(Stored records)

───

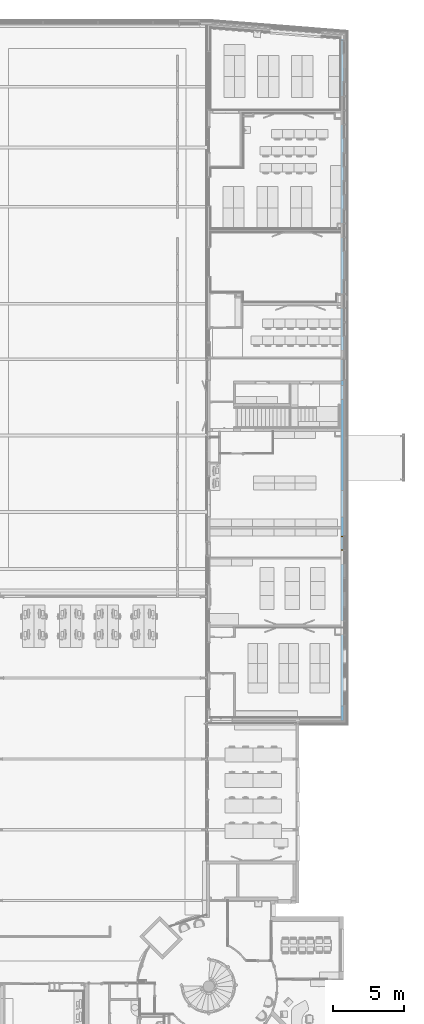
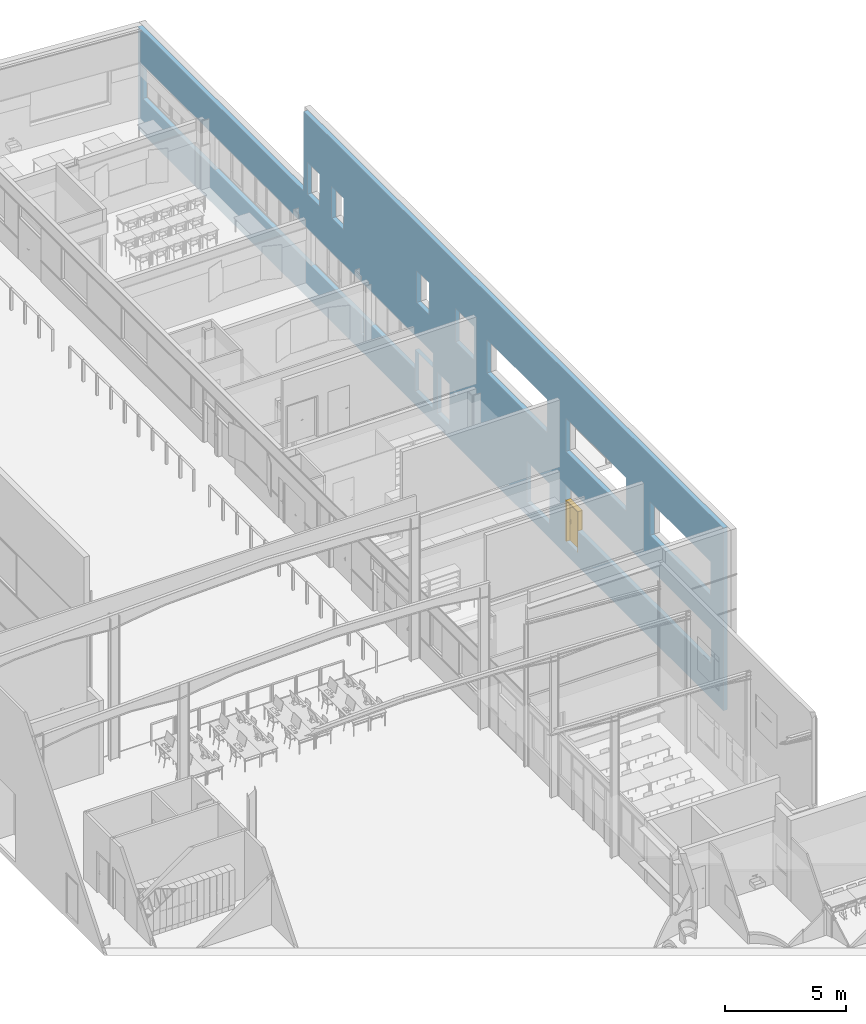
# One storey, part 102 of 137: 1 door, 4 openings, plus 1 element that does not belong to this part.
"""IFC2X3 building model written with IfcOpenShell, lengths in centimetres."""

from ifc_helpers import new_model, entity, si_unit, converted_unit, derived_unit, direction, frame, frame_2d, origin, place, context, subcontext, project, spatial, rectangle, extrude, faceted_brep, source, transform, mapped, material, material_list, type_object, type_shapes, element, fill, save


model = new_model("IFC2X3")

# Units and contexts
model_context = context("Model", 3, precision=0.001, world=origin(), true_north=direction((6.12303176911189e-17, 1.0)))
body_context = subcontext(model_context, "Body", "Model", "MODEL_VIEW")
ifc_project = project(units=[si_unit("LENGTHUNIT", "METRE", prefix="CENTI"), si_unit("AREAUNIT", "SQUARE_METRE"), si_unit("VOLUMEUNIT", "CUBIC_METRE"), converted_unit("PLANEANGLEUNIT", "DEGREE", entity("IfcRatioMeasure", 0.0174532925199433), si_unit("PLANEANGLEUNIT", "RADIAN"), dimensions=[0, 0, 0, 0, 0, 0, 0]), si_unit("MASSUNIT", "GRAM", prefix="KILO"), si_unit("TIMEUNIT", "SECOND"), si_unit("FREQUENCYUNIT", "HERTZ"), si_unit("THERMODYNAMICTEMPERATUREUNIT", "DEGREE_CELSIUS"), derived_unit("THERMALTRANSMITTANCEUNIT", [(si_unit("MASSUNIT", "GRAM", prefix="KILO"), 1), (si_unit("THERMODYNAMICTEMPERATUREUNIT", "KELVIN"), -1), (si_unit("TIMEUNIT", "SECOND"), -3)]), derived_unit("VOLUMETRICFLOWRATEUNIT", [(si_unit("LENGTHUNIT", "METRE"), 3), (si_unit("TIMEUNIT", "SECOND"), -1)]), si_unit("ELECTRICCURRENTUNIT", "AMPERE"), si_unit("ELECTRICVOLTAGEUNIT", "VOLT"), si_unit("POWERUNIT", "WATT"), si_unit("FORCEUNIT", "NEWTON", prefix="KILO"), si_unit("ILLUMINANCEUNIT", "LUX"), si_unit("LUMINOUSFLUXUNIT", "LUMEN"), si_unit("LUMINOUSINTENSITYUNIT", "CANDELA"), derived_unit("USERDEFINED", [(si_unit("MASSUNIT", "GRAM", prefix="KILO"), -1), (si_unit("LENGTHUNIT", "METRE"), -2), (si_unit("TIMEUNIT", "SECOND"), 3), (si_unit("LUMINOUSFLUXUNIT", "LUMEN"), 1)]), derived_unit("LINEARVELOCITYUNIT", [(si_unit("LENGTHUNIT", "METRE"), 1), (si_unit("TIMEUNIT", "SECOND"), -1)]), si_unit("PRESSUREUNIT", "PASCAL"), derived_unit("USERDEFINED", [(si_unit("LENGTHUNIT", "METRE"), -2), (si_unit("MASSUNIT", "GRAM", prefix="KILO"), 1), (si_unit("TIMEUNIT", "SECOND"), -2)])], contexts=[model_context])

# Site, building, storey
site_placement = place(None, frame((8.62739174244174, -249.285249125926, 0.0)))
site = spatial("IfcSite", under=ifc_project, at=site_placement, Name="Default", CompositionType="ELEMENT")
building_placement = place(site_placement, origin())
building = spatial("IfcBuilding", under=site, at=building_placement, CompositionType="ELEMENT")
storey_placement = place(building_placement, origin())
storey = spatial("IfcBuildingStorey", under=building, at=storey_placement, Name="RDC", CompositionType="ELEMENT", Elevation=-8.82465566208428e-11)

# Wall, openings, door
ifc_material_1 = material(Name="Béton, coulé sur place, gris")
wall_type = type_object("IfcWallType", Name="Mur de base:BET 21", PredefinedType="NOTDEFINED")
wall_placement = place(storey_placement, frame((3988.90482781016, 2634.98020806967, -70.0), z_axis=(0.0, 0.0, 1.0), x_axis=(0.0, 1.0, 0.0)))
wall = element("IfcWall", 1, at=wall_placement, inside=storey, type_object=wall_type, material=ifc_material_1, Name="Mur de base:BET 21", ObjectType="Mur de base:BET 21", context=body_context, shape_type="Brep", body=[
    faceted_brep([(4814.40916101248, -10.0, 350.0), (4814.40916101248, -10.0, 180.0), (2558.0, -10.0, 180.0), (2558.0, -10.0, 278.0), (2407.0, -10.0, 278.0), (2407.0, -10.0, 350.0), (2223.0, -10.0, 691.0), (2223.0, -10.0, 521.0), (2068.0, -10.0, 521.0), (2068.0, -10.0, 691.0), (2236.48822441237, -10.0, 273.988224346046), (2236.48822441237, -10.0, 253.988224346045), (2205.51572422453, -10.0, 253.988224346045), (2205.51572422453, -10.0, 273.988224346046), (2408.0, -10.0, 70.0), (2408.0, -10.0, 85.0), (2408.0, -10.0, 277.0), (2557.0, -10.0, 277.0), (2557.0, -10.0, 85.0), (2557.0, -10.0, 70.0), (2372.0, -10.0, 277.499999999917), (2372.0, -10.0, 85.0), (2372.0, -10.0, 70.0), (2272.0, -10.0, 70.0), (2272.0, -10.0, 85.0), (2272.0, -10.0, 277.499999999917), (1629.20498529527, -10.0, 277.0), (1629.20498529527, -10.0, 85.0), (1629.20498529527, -10.0, 70.0), (1440.20498529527, -10.0, 70.0), (1440.20498529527, -10.0, 85.0), (1440.20498529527, -10.0, 277.0), (1305.204985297, -10.0, 277.499999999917), (1305.204985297, -10.0, 85.0), (1305.204985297, -10.0, 70.0), (1205.204985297, -10.0, 70.0), (1205.204985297, -10.0, 85.0), (1205.204985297, -10.0, 180.0), (104.204985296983, -10.0, 180.0), (104.204985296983, -10.0, 350.0), (1304.20498529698, -10.0, 350.0), (1304.20498529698, -10.0, 277.499999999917), (1961.60249267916, -10.0, 691.0), (1961.60249267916, -10.0, 521.0), (1461.60249267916, -10.0, 521.0), (1461.60249267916, -10.0, 691.0), (1306.70498529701, -10.0, 691.0), (1306.70498529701, -10.0, 521.0), (806.704985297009, -10.0, 521.0), (806.704985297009, -10.0, 691.0), (606.704985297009, -10.0, 691.0), (606.704985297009, -10.0, 521.0), (106.704985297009, -10.0, 521.0), (106.704985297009, -10.0, 691.0), (3448.0117757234, -10.0, 686.011775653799), (3448.0117757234, -10.0, 525.011775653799), (3348.0117757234, -10.0, 525.011775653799), (3348.0117757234, -10.0, 686.011775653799), (3006.0, -10.0, 170.207427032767), (3006.0, -10.0, 89.8417534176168), (2975.0, -10.0, 89.8417534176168), (2975.0, -10.0, 170.207427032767), (2543.0, -10.0, 686.5117756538), (2543.0, -10.0, 525.511775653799), (2443.0, -10.0, 525.511775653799), (2443.0, -10.0, 686.5117756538), (3480.0, -10.0, 925.0), (3448.0, -10.0, 925.0), (32.0, -10.0, 925.0), (0.0, -10.0, 925.0), (0.0, -10.0, 0.0), (4853.30717049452, -10.0, 0.0), (4853.30717049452, -10.0, 521.0), (3507.0, -10.0, 521.0), (3480.0, -10.0, 521.0), (3248.0117757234, -10.0, 686.011775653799), (3248.0117757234, -10.0, 525.011775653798), (3148.0117757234, -10.0, 525.011775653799), (3148.0117757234, -10.0, 686.011775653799), (2408.0, 10.0, 277.0), (2408.0, 10.0, 70.0), (2557.0, 10.0, 70.0), (2557.0, 10.0, 277.0), (2372.0, 10.0, 70.0), (2372.0, 10.0, 277.499999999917), (2272.0, 10.0, 277.499999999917), (2272.0, 10.0, 70.0), (1629.20498529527, 10.0, 70.0), (1629.20498529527, 10.0, 277.0), (1440.20498529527, 10.0, 277.0), (1440.20498529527, 10.0, 70.0), (1305.204985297, 10.0, 70.0), (1305.204985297, 10.0, 277.499999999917), (1304.20498529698, 10.0, 277.499999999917), (1304.20498529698, 10.0, 350.0), (104.204985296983, 10.0, 350.0), (104.204985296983, 10.0, 180.0), (1205.204985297, 10.0, 180.0), (1205.204985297, 10.0, 70.0), (4814.40916101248, 10.0, 180.0), (4814.40916101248, 10.0, 350.0), (2407.0, 10.0, 350.0), (2407.0, 10.0, 278.0), (2558.0, 10.0, 278.0), (2558.0, 10.0, 180.0), (2223.0, 10.0, 521.0), (2223.0, 10.0, 691.0), (2068.0, 10.0, 691.0), (2068.0, 10.0, 521.0), (0.0, 10.0, 925.0), (20.0, 10.0, 925.0), (3460.0, 10.0, 925.0), (3480.0, 10.0, 925.0), (3480.0, 10.0, 521.0), (4834.82616616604, 10.0, 521.0), (4854.88859101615, 10.0, 521.0), (4854.88859101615, 10.0, 0.0), (4834.82616616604, 10.0, 0.0), (2960.0, 10.0, 0.0), (2940.0, 10.0, 0.0), (2403.0, 10.0, 0.0), (2383.0, 10.0, 0.0), (2068.0, 10.0, 0.0), (2048.0, 10.0, 0.0), (1375.20498529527, 10.0, 0.0), (1355.20498529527, 10.0, 0.0), (0.0, 10.0, 0.0), (2236.48822441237, 10.0, 253.988224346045), (2236.48822441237, 10.0, 273.988224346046), (2205.51572422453, 10.0, 273.988224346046), (2205.51572422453, 10.0, 253.988224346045), (1961.60249267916, 10.0, 521.0), (1961.60249267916, 10.0, 691.0), (1461.60249267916, 10.0, 691.0), (1461.60249267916, 10.0, 521.0), (1306.70498529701, 10.0, 521.0), (1306.70498529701, 10.0, 691.0), (806.704985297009, 10.0, 691.0), (806.704985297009, 10.0, 521.0), (606.704985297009, 10.0, 521.0), (606.704985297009, 10.0, 691.0), (106.704985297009, 10.0, 691.0), (106.704985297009, 10.0, 521.0), (3448.0117757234, 10.0, 525.011775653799), (3448.0117757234, 10.0, 686.011775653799), (3348.0117757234, 10.0, 686.011775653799), (3348.0117757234, 10.0, 525.011775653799), (3006.0, 10.0, 89.8417534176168), (3006.0, 10.0, 170.207427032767), (2975.0, 10.0, 170.207427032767), (2975.0, 10.0, 89.8417534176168), (2543.0, 10.0, 525.511775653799), (2543.0, 10.0, 686.5117756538), (2443.0, 10.0, 686.5117756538), (2443.0, 10.0, 525.511775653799), (3248.0117757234, 10.0, 525.011775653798), (3248.0117757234, 10.0, 686.011775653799), (3148.0117757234, 10.0, 686.011775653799), (3148.0117757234, 10.0, 525.011775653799)], [[[0, 1, 2, 3, 4, 5], [6, 7, 8, 9], [10, 11, 12, 13], [14, 15, 16, 17, 18, 19], [20, 21, 22, 23, 24, 25], [26, 27, 28, 29, 30, 31], [32, 33, 34, 35, 36, 37, 38, 39, 40, 41], [42, 43, 44, 45], [46, 47, 48, 49], [50, 51, 52, 53], [54, 55, 56, 57], [58, 59, 60, 61], [62, 63, 64, 65], [66, 67, 68, 69, 70, 71, 72, 73, 74], [75, 76, 77, 78]], [[79, 80, 81, 82], [83, 84, 85, 86], [87, 88, 89, 90], [91, 92, 93, 94, 95, 96, 97, 98], [99, 100, 101, 102, 103, 104], [105, 106, 107, 108], [109, 110, 111, 112, 113, 114, 115, 116, 117, 118, 119, 120, 121, 122, 123, 124, 125, 126], [127, 128, 129, 130], [131, 132, 133, 134], [135, 136, 137, 138], [139, 140, 141, 142], [143, 144, 145, 146], [147, 148, 149, 150], [151, 152, 153, 154], [155, 156, 157, 158]], [[14, 80, 79, 16, 15]], [[16, 79, 82, 17]], [[81, 19, 18, 17, 82]], [[80, 14, 19, 81]], [[83, 22, 21, 20, 84]], [[84, 20, 25, 85]], [[23, 86, 85, 25, 24]], [[22, 83, 86, 23]], [[87, 28, 27, 26, 88]], [[88, 26, 31, 89]], [[29, 90, 89, 31, 30]], [[28, 87, 90, 29]], [[35, 98, 97, 37, 36]], [[92, 32, 41, 93]], [[91, 34, 33, 32, 92]], [[98, 35, 34, 91]], [[69, 68, 67, 66, 112, 111, 110, 109]], [[70, 69, 109, 126]], [[74, 73, 72, 115, 114, 113]], [[66, 74, 113, 112]], [[99, 1, 0, 100]], [[100, 0, 5, 101]], [[101, 5, 4, 102]], [[102, 4, 3, 103]], [[40, 94, 93, 41]], [[94, 40, 39, 95]], [[95, 39, 38, 96]], [[96, 38, 37, 97]], [[103, 3, 2, 104]], [[1, 99, 104, 2]], [[105, 7, 6, 106]], [[106, 6, 9, 107]], [[107, 9, 8, 108]], [[7, 105, 108, 8]], [[11, 10, 128, 127]], [[12, 11, 127, 130]], [[13, 12, 130, 129]], [[10, 13, 129, 128]], [[71, 70, 126, 125, 124, 123, 122, 121, 120, 119, 118, 117, 116]], [[131, 43, 42, 132]], [[132, 42, 45, 133]], [[133, 45, 44, 134]], [[43, 131, 134, 44]], [[135, 47, 46, 136]], [[136, 46, 49, 137]], [[137, 49, 48, 138]], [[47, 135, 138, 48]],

───

Only the number should be given: how many lines of the data contain the word "openings"?

2